Ad Isernia, dove di producono della magnifiche cipolle tonde e schiacciate, originariamente di color vinato, si svolgerà, organizzato dalla locale delegazione dell’Accademia Italiana della Cucina, un processo pubblico a carico del popolare bulbo. Le accuse contro la cipolla sono così antiche che Bettino Ricasoli, il famoso uomo politico e grande proprietario in Chianti, ne voleva vietare l’uso alimentare ai suoi contadini. L’avversione per le cipolle, indigeste, povere di sostanza e flatulente, era motivata da norme igieniche di corretta alimentazione che furono riprese pari pari da Pellegrino Artusi nel suo celeberrimo manuale La scienza in cucina e l’arte di mangiar bene. Una leggenda popolare racconta che Ricasoli arrivò a scacciare uno dei suoi contadini che si ostinava a mangiare la cipolla. Forse la leggenda non dice il vero, ma certo il «Barone di ferro» si preoccupava anche dell’igiene alimentare dei suoi mezzadri e, allora, la cipolla non godeva di buona fama. Mangiare solo cipolle, come poteva accadere nell’800 ai contadini, non era un bel mangiare e il povero mezzadro, del resto, accompagnava la cipolla con il pane. La cipolla cruda, però, era indigesta ed anche oggi molti sostengono che si «rinfaccia».

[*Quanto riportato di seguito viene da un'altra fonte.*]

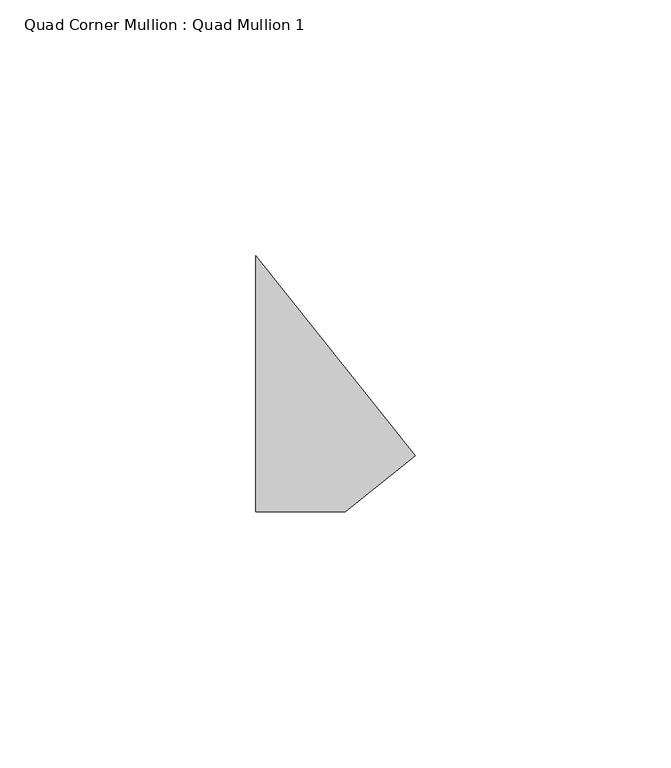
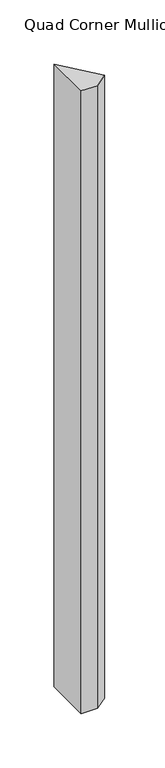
"""IFC4 building model written with IfcOpenShell, lengths in millimetres: member geometry, Quad Corner Mullion : Quad Mullion 1."""

from ifc_helpers import new_model, si_unit, frame, origin, place, context, project, spatial, polyline, outline, extrude, source, transform, mapped, element, save


def quad_corner_mullion_quad_mullion_1_be11a9eb(model_context):
    return source(origin(), model_context, "Body", "SweptSolid", [
        extrude(outline(polyline([(22.4169637, -14.1035695), (8.7424787, -25.0), (-8.7424787, -25.0), (-8.7424787, 25.0), (22.4169637, -14.1035695)])), frame((0.0, 0.0, -700.0), z_axis=(0.0, 0.0, 1.0), x_axis=(1.0, 0.0, 0.0)), (0.0, 0.0, 1.0), 700.0),
    ])


if __name__ == "__main__":
    model = new_model("IFC4")
    model_context = context("Model", 3, world=origin())
    ifc_project = project(units=[si_unit("LENGTHUNIT", "METRE", prefix="MILLI")], contexts=[model_context])
    site = spatial("IfcSite", under=ifc_project)
    building = spatial("IfcBuilding", under=site)
    placement = place(None, origin())
    quad_corner_mullion_quad_mullion_1_shape = quad_corner_mullion_quad_mullion_1_be11a9eb(model_context)
    element("IfcMember", 1, ObjectType="Quad Corner Mullion : Quad Mullion 1", at=placement, inside=building, context=model_context, shape_type="MappedRepresentation", body=[
        mapped(quad_corner_mullion_quad_mullion_1_shape, transform((0.0, 0.0, 0.0), x_axis=(1.0, 0.0, 0.0), y_axis=(0.0, 1.0, 0.0), z_axis=(0.0, 0.0, 1.0))),
    ])
    save(model, "model.ifc")

In realtà la cipolla in cucina è una splendida risorsa specialmente per le zuppe di pane e le minestre, ma anche per le salse a partire da quelle al pomodoro. Ci sono minestre con la cipolla famose ed in Francia addirittura raffinate. Ad Isernia si prepara la «cipollata» che è una minestra nutriente e saporita. Si tagliano le cipolle di Isernia a fettine sottili e si bagnano con l’acqua per addolcirle, poi si mettono in padella con olio di oliva e poca acqua. Si unisce il prezzemolo tritato e poi si versano nella padella delle uova appena sgusciate. Dopo aver salato si copre la padella con un coperchio e si fa cuocere il tutto fino al formarsi della «camicia». A quel punto non resta che mangiare con del pane abbondante come facevano i contadini a colazione. Non credo che a quel tempo i contadini avessero problemi di digestione e la cipolla, così cucinata, era una formidabile risorsa alimentare.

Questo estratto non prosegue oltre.